Minimum Wage: Denying Opportunity
Does it make any economic sense to raise the minimum wage when youth, minority, and inner city unemployment are so high? More regulations and costs reduce opportunities. Where there is high demand for workers, companies already pay higher wages than the new proposals and where demand and jobs are weak it will further reduce opportunities instead of helping.
The national labor participation rate is at its lowest level for 35 years. Is it wise to raise the minimum wage when so many or do not have a job or are discouraged from looking?
The more regulations and costs are increased, the fewer opportunities there will be to get a first-time opportunity.
Prevailing wage laws were put in effect around 1930, essentially to prevent poor minorities from the south from taking white union workers jobs in the North. These laws have oppressed minorities and taxpayers for over 80 years and politicians continue to pretend they care.
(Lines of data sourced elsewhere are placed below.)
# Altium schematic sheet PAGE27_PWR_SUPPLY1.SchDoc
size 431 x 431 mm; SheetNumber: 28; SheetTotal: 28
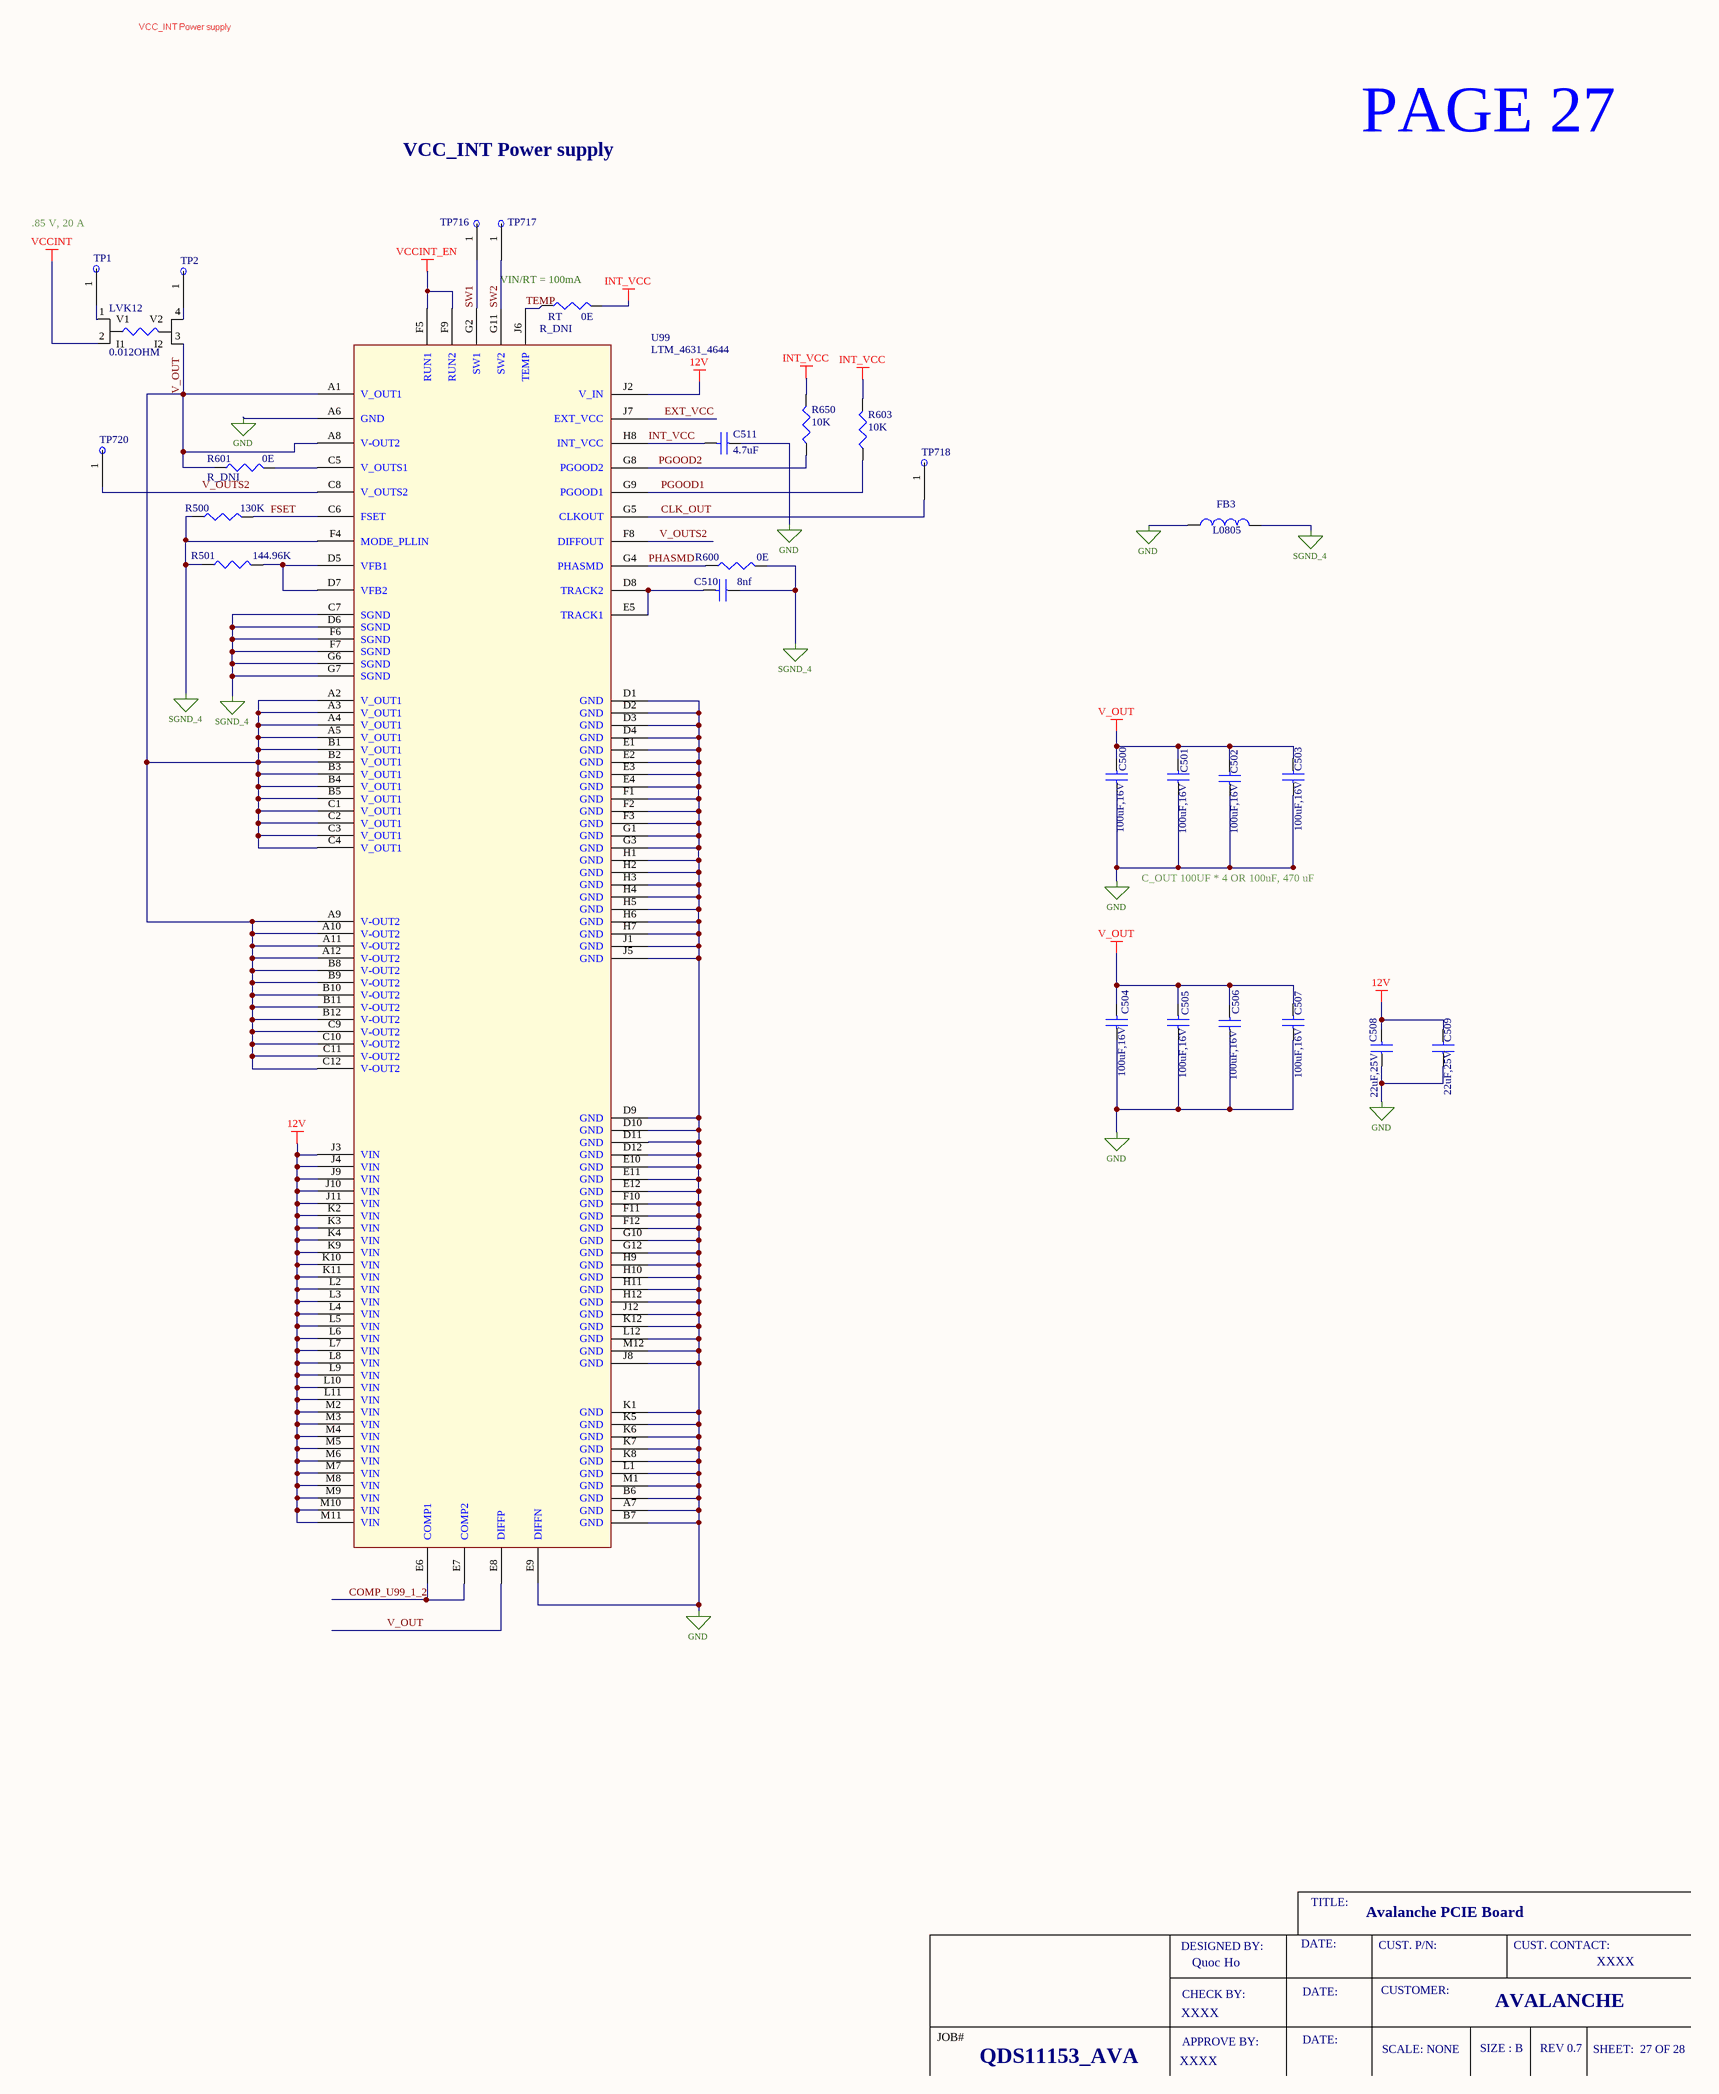
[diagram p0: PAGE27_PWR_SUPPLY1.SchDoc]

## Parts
C500  100uF,16V  [CN_1210]
C501  100uF,16V  [CN_1210]
C502  100uF,16V  [CN_1210]
C503  100uF,16V  [CN_1210]
C504  100uF,16V  [CN_1210]
C505  100uF,16V  [CN_1210]
C506  100uF,16V  [CN_1210]
C507  100uF,16V  [CN_1210]
C508  22uF,25V  [CN_1210]
C509  22uF,25V  [CN_1210]
C510  8nf  [CN_0402]
C511  4.7uF  [CN_0402]
FB3  L0805  [L0805]
LVK12  0.012OHM  [LVK12]
R500  130K  [RN_0402]
R501  144.96K  [RN_0402]
R600  0E  [RN_0402]
R601  0E  [RN_0402]
R603  10K  [RN_0402]
R650  10K  [RN_0402]
RT  0E  [RN_0402]
TP1  Tap_point  [MINI_TESTPOINT_SMD]  (value not drawn)
TP2  Tap_point  [MINI_TESTPOINT_SMD]  (value not drawn)
TP716  Tap_point  [MINI_TESTPOINT_SMD]  (value not drawn)
TP717  Tap_point  [MINI_TESTPOINT]  (value not drawn)
TP718  Tap_point  [MINI_TESTPOINT_SMD]  (value not drawn)
TP720  Tap_point  [MINI_TESTPOINT_SMD]  (value not drawn)
U99  LTM_4631_4644  [BGA144_16X16X1P91_1P91_ANA]

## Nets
12V: C508.2 C509.2 U99.J2(V_IN) U99.J3(VIN) U99.J4(VIN) U99.J9(VIN) U99.J10(VIN) U99.J11(VIN) U99.K2(VIN) U99.K3(VIN) U99.K4(VIN) U99.K9(VIN) U99.K10(VIN) U99.K11(VIN) U99.L2(VIN) U99.L3(VIN) U99.L4(VIN) U99.L5(VIN) U99.L6(VIN) U99.L7(VIN) U99.L8(VIN) U99.L9(VIN) U99.L10(VIN) U99.L11(VIN) U99.M2(VIN) U99.M3(VIN) U99.M4(VIN) U99.M5(VIN) U99.M6(VIN) U99.M7(VIN) U99.M8(VIN) U99.M9(VIN) U99.M10(VIN) U99.M11(VIN)
GND: C500.1 C501.1 C502.1 C503.1 C504.1 C505.1 C506.1 C507.1 C508.1 C509.1 C511.1 FB3.1 U99.A6(GND) U99.A7(GND) U99.B6(GND) U99.B7(GND) U99.D1(GND) U99.D2(GND) U99.D3(GND) U99.D4(GND) U99.D9(GND) U99.D10(GND) U99.D11(GND) U99.D12(GND) U99.E1(GND) U99.E2(GND) U99.E3(GND) U99.E4(GND) U99.E9(DIFFN) U99.E10(GND) U99.E11(GND) U99.E12(GND) U99.F1(GND) U99.F2(GND) U99.F3(GND) U99.F10(GND) U99.F11(GND) U99.F12(GND) U99.G1(GND) U99.G3(GND) U99.G10(GND) U99.G12(GND) U99.H1(GND) U99.H2(GND) U99.H3(GND) U99.H4(GND) U99.H5(GND) U99.H6(GND) U99.H7(GND) U99.H9(GND) U99.H10(GND) U99.H11(GND) U99.H12(GND) U99.J1(GND) U99.J5(GND) U99.J8(GND) U99.J12(GND) U99.K1(GND) U99.K5(GND) U99.K6(GND) U99.K7(GND) U99.K8(GND) U99.K12(GND) U99.L1(GND) U99.L12(GND) U99.M1(GND) U99.M12(GND)
INT_VCC: C511.2 R603.2 R650.2 RT.2 U99.H8(INT_VCC)
SGND_4: C510.1 FB3.2 R500.1 R501.1 R600.2 U99.C7(SGND) U99.D6(SGND) U99.F4(MODE_PLLIN) U99.F6(SGND) U99.F7(SGND) U99.G6(SGND) U99.G7(SGND)
V_OUT: C500.2 C501.2 C502.2 C503.2 C504.2 C505.2 C506.2 C507.2 LVK12.3(I2) R601.1 U99.A1(V_OUT1) U99.A2(V_OUT1) U99.A3(V_OUT1) U99.A4(V_OUT1) U99.A5(V_OUT1) U99.A8(V-OUT2) U99.A9(V-OUT2) U99.A10(V-OUT2) U99.A11(V-OUT2) U99.A12(V-OUT2) U99.B1(V_OUT1) U99.B2(V_OUT1) U99.B3(V_OUT1) U99.B4(V_OUT1) U99.B5(V_OUT1) U99.B8(V-OUT2) U99.B9(V-OUT2) U99.B10(V-OUT2) U99.B11(V-OUT2) U99.B12(V-OUT2) U99.C1(V_OUT1) U99.C2(V_OUT1) U99.C3(V_OUT1) U99.C4(V_OUT1) U99.C9(V-OUT2) U99.C10(V-OUT2) U99.C11(V-OUT2) U99.C12(V-OUT2) U99.E8(DIFFP)
VCCINT: LVK12.2(I1)
VCCINT_EN: U99.F5(RUN1) U99.F9(RUN2)
CLK_OUT: TP718.1 U99.G5(CLKOUT)
COMP_U99_1_2: U99.E6(COMP1) U99.E7(COMP2)
EXT_VCC: U99.J7(EXT_VCC)
FSET: R500.2 U99.C6(FSET)
PGOOD1: R603.1 U99.G9(PGOOD1)
PGOOD2: R650.1 U99.G8(PGOOD2)
PHASMD: R600.1 U99.G4(PHASMD)
SW1: TP716.1 U99.G2(SW1)
SW2: TP717.1 U99.G11(SW2)
TEMP: RT.1 U99.J6(TEMP)
V_OUTS2: TP720.1 U99.C8(V_OUTS2) U99.F8(DIFFOUT)
NetC510_2: C510.2 U99.D8(TRACK2) U99.E5(TRACK1)
NetLVK12_1: LVK12.1(V1) TP1.1
NetLVK12_4: LVK12.4(V2) TP2.1
NetR501_2: R501.2 U99.D5(VFB1) U99.D7(VFB2)
NetR601_2: R601.2 U99.C5(V_OUTS1)

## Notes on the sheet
- Text
- VCC_INT Power supply
- PAGE 27
- (near TP1) .85 V, 20 A
- (near RT) VIN/RT = 100mA
- C_OUT 100UF * 4 OR 100uF, 470 uF
- TITLE:
- Avalanche PCIE Board
- DESIGNED BY:
- CHECK BY:
- Quoc Ho
- DATE:
- CUST. P/N:
- CUSTOMER:
- CUST. CONTACT:
- XXXX
- JOB#
- APPROVE BY:
- SCALE: NONE
- SIZE : B
- AVALANCHE
- REV 0.7
- SHEET:  27 OF 28
- QDS11153_AVA

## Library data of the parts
C500-C507 = CAP: CAP CER 100UF 16V X5R 1210; Manufacturer: KYOCERA AVX; Manufacturer Part Number: 1210YD107MAT2A
C508 C509 = CAP: CAP CER 22UF 25V X5R 1210; Manufacturer Part Number: CL32A226KAJNNNE; Manufacturer: Samsung Electro-Mechanics
C510 = CAP: CAP CER 8200PF 25V X7R 0402; Manufacturer Part Number: C0402C822J3RACTU; Manufacturer: KEMET
C511 = CAP: CAP CER 4.7UF 25V X5S 0402; Manufacturer: Murata Electronics; Manufacturer Part Number: GRM155C61E475ME15J
FB3 = INDUCTOR: FERRITE BEAD 110 OHM 0805 1LN; Manufacturer Part Number: BLM21SP111SZ1D; Manufacturer: Murata Electronics
LVK12 = LVK24: RES 0.012OHM 1% 1/2W 1206; Manufacturer: OHMITE
R500 = RES: RES 130K OHM 1% 1/16W 0402; Manufacturer Part Number: RC0402FR-07130KL; Manufacturer: YAGEO
R501 = RES: RES 143K OHM 1% 1/16W 0402; Manufacturer Part Number: RC0402FR-07143KL; Manufacturer: YAGEO
R600 = RES: RES 0 OHM JUMPER 1/16W 0402; Manufacturer Part Number: RC0402JR-070RL; Manufacturer: YAGEO
R601 = RES: RES 0 OHM JUMPER 1/16W 0402; Manufacturer: YAGEO; Manufacturer Part Number: RC0402FR-070RL_DNI
R603 R650 = RES: RES 10K OHM 1% 1/16W 0402; Manufacturer Part Number: RC0402FR-0710KL; Manufacturer: YAGEO
RT = RES: RES 0 OHM JUMPER 1/16W 0402; Manufacturer Part Number: RC0402FR-070RL_DNI; Manufacturer: YAGEO
TP1 TP2 TP716-TP718 TP720 = Tap_point: Tap_point 15X25
U99 = LTM_4631_4644: DC DC CONVERTER 0.6V TO 1.8V; Manufacturer Part Number: LTM4631EV#PBF; Manufacturer: ANALOG DEVICES INC

A study by the Heartland Institute shows how these laws substantially increase the cost of government work. It appears the costs run 15% to 40% higher than jobs that were competitively bid. We are consistently told about the crumbling infrastructure and the need to create jobs and that the solution is always higher taxes. If the politicians would repeal the prevailing wage laws, many more projects could be completed with current dollars and consequently a huge number of jobs would be created without harming the economy by raising taxes.
I am amazed when people use the argument that you can’t raise a family on the minimum wage. I have tried to ascertain when they could. The 1950s and 1960s were very good for job growth and you certainly couldn’t raise a family of three or four on the minimum wage.
The federal minimum wage in 1950 was 75 cents per hour. If you worked a full time job of 2,080 hours you would have earned $1,560 per year. The median family income in 1950 was around $4,000 per year. In 1970 the minimum wage was $1.45 per hour. If you worked a full time job of 2,080 hours you would have earned $3,016 per year. The median family income in 1970 was around $9,500 per year. Today the minimum is $7.25 per hour or if you worked a full time job of 2,080 hours you would earn $15,080 per year. The median family income in 2012 was $51,371 per year.
The federal minimum wage was established in the 1930s and at no time does it appear that it was adequate to raise a family nor was it meant to be. It was meant to provide a start.
In the late 1960s when I was a teenager I worked several jobs for around $1 per hour which was below the federal minimum wage. (There were many exemptions at the time for small and local businesses). I was thankful to have the opportunity to earn a paycheck and learn a proper work ethic.
Throughout its history the United States has created the opportunity for people to move up the economic ladder. As more barriers and costs are imposed on job creators, the less likely it is that this great economic model will continue.
The government continually handing out free stuff and making a greater percentage of people dependent for survival will never be a substitute for creating economic opportunities for people to move up the economic ladder.